One of the standard complaints about documentation is that it gets out of sync with the actual code. I find that having the narrative adjacent to the code makes it much easier to fix them both when something changes. Another payoff of the literate approach is that it gives you a place to document paths not taken: we tried this and it didn't work, and here's why; or, we didn't try this, and here's why we didn't.

Yes, I admit that it's somewhat more work to write the narrative sections. One of the chores for each document is to come up with a system of unique identifiers for each section, so that you can cross-refer some other point in the document using its section identifier. One of my standards is that if a section of code calls another function in the same system, the narrative for that code section includes a hyperlink to the definition of the called function. This addresses another of Lyons's points:

I don’t know if you could create the same experience in a linear manner. I suppose what you would do is have an introduction which unfolds each layer of the high-level description up to the pseudocode. Then, each major subsystem becomes its own chapter, and you repeat the progression. But the linearity defeats the premise that you could jump around.

The primary difference between literate programming as envisioned by Dr. Don Knuth in his WEB system (no relation to the World Wide Web; he did this work in the 1980s) is that he wanted to order the presentation of the bits of code to optimize the pedagogical value. My system presents the source code in its original order, and uses hyperlinks so you can examine related functions with a mouse click.

So what is the payoff for me? Here's an example. I have been doing data entry for the Institute for Bird Populations since 1988. My data entry system is on its seventh complete rewrite. Sometimes several years go by between change requests from the client. The specification is 34 pages, and the internals about 200 pages. A lot of the code is now obsolete. Yet when I get a change request, I can generally refamiliarize myself with the project structure and jet down to the point of the change and charge the client less than an hour's labor.

In summary, I think Lyons makes a number of good points. Certainly I hope that others may use my literate code as examples (whether good or bad ones is not for me to say!), but my personal justification for what I consider a relative modest expenditure of additional effort is that it makes it easier to work on my own code when I've been away from it for a while.

1 comment:

Stephen Smoogen said...

I have seen many arguments against literate programming over the years which seem to boil down to the following

1. I have no idea what I wrote so how the henry can I document it.

2. My code is so clear that it is literate by itself.

3. This takes up too much time for something I am just going to throw away.

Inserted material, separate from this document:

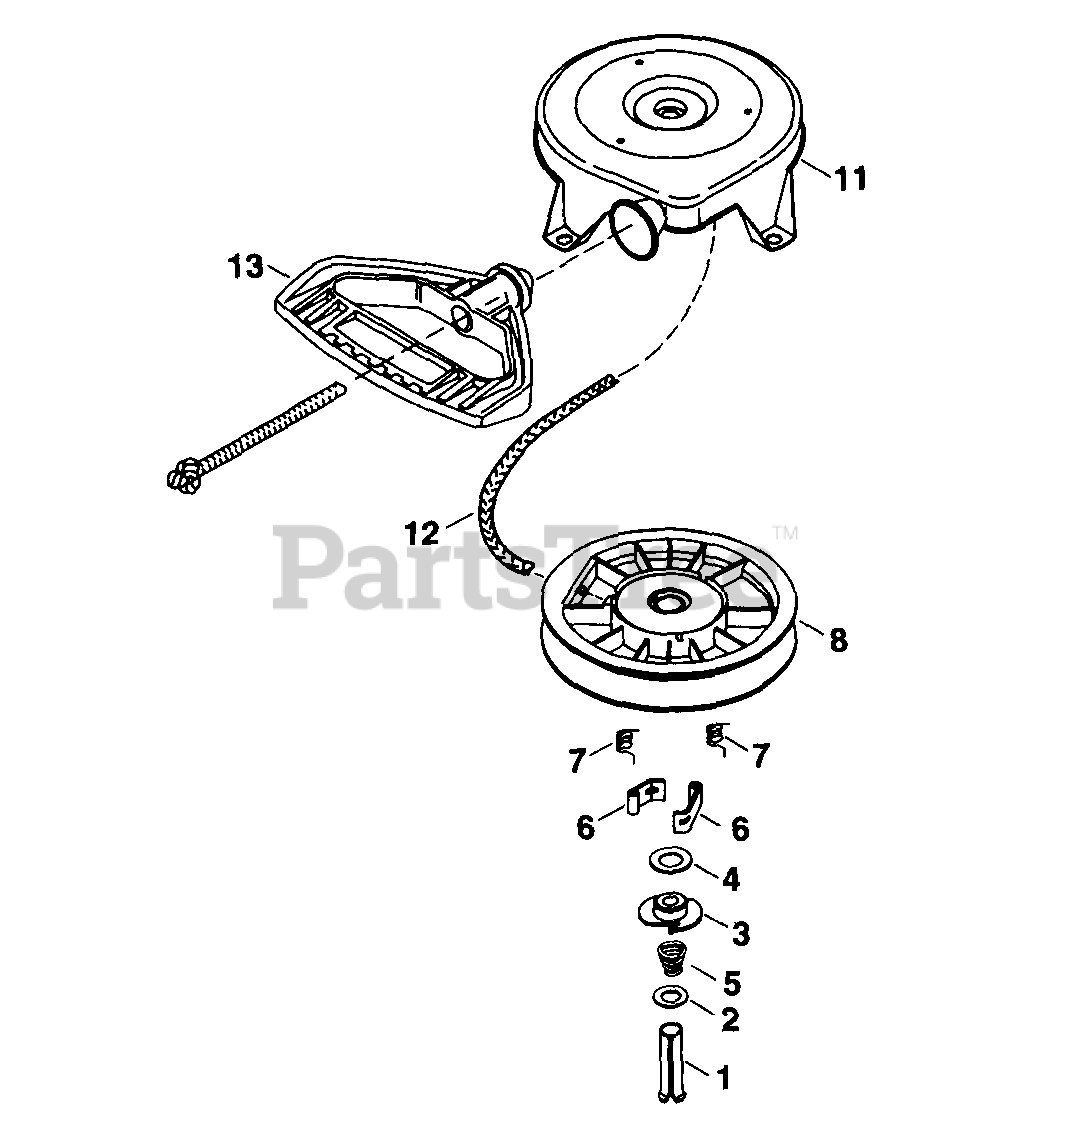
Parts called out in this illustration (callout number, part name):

The first one is probably the most honest and I wish I knew more programmers who would admit to it. Most of the time they go for 2 or 3 which rarely work out in reality. Most of the time the programmer believes that they every other programmer thinks like them and so it can be handed off to any peer without a problem. This is usually followed by "Who wrote this crap?!?!" when either that programmer is looking at the code a year later or looking at any other programmers code.

Which leads to the problem with 3. which is that people rarely get the chance to throw stuff away. Somewhere somehow what you wrote is going to be in production somewhere and someone else is going to have to maintain it. Not having some documentation with the code is what makes it usable in the long term and not finding someone at your door at 2am with a brick because that SELECT * FROM * you were going to optimize someday has been in production for 2 weeks and they finally found it.

My main reason for trying to be literate (which I fail usually) is that it slows me down to look at the code and go.. well this is what I think it should do.. why isn't the test case I wrote as an example doing what I want. My secondary reason for having literature in the first version is to avoid the problem that Brooks covers after first systems.. that is 2nd system overdesign. If I know what I did in the first one and know where it didn't work as well, I (or the guy who came in to fix what got pushed into production) will be able to avoid most of the 2nd system problem.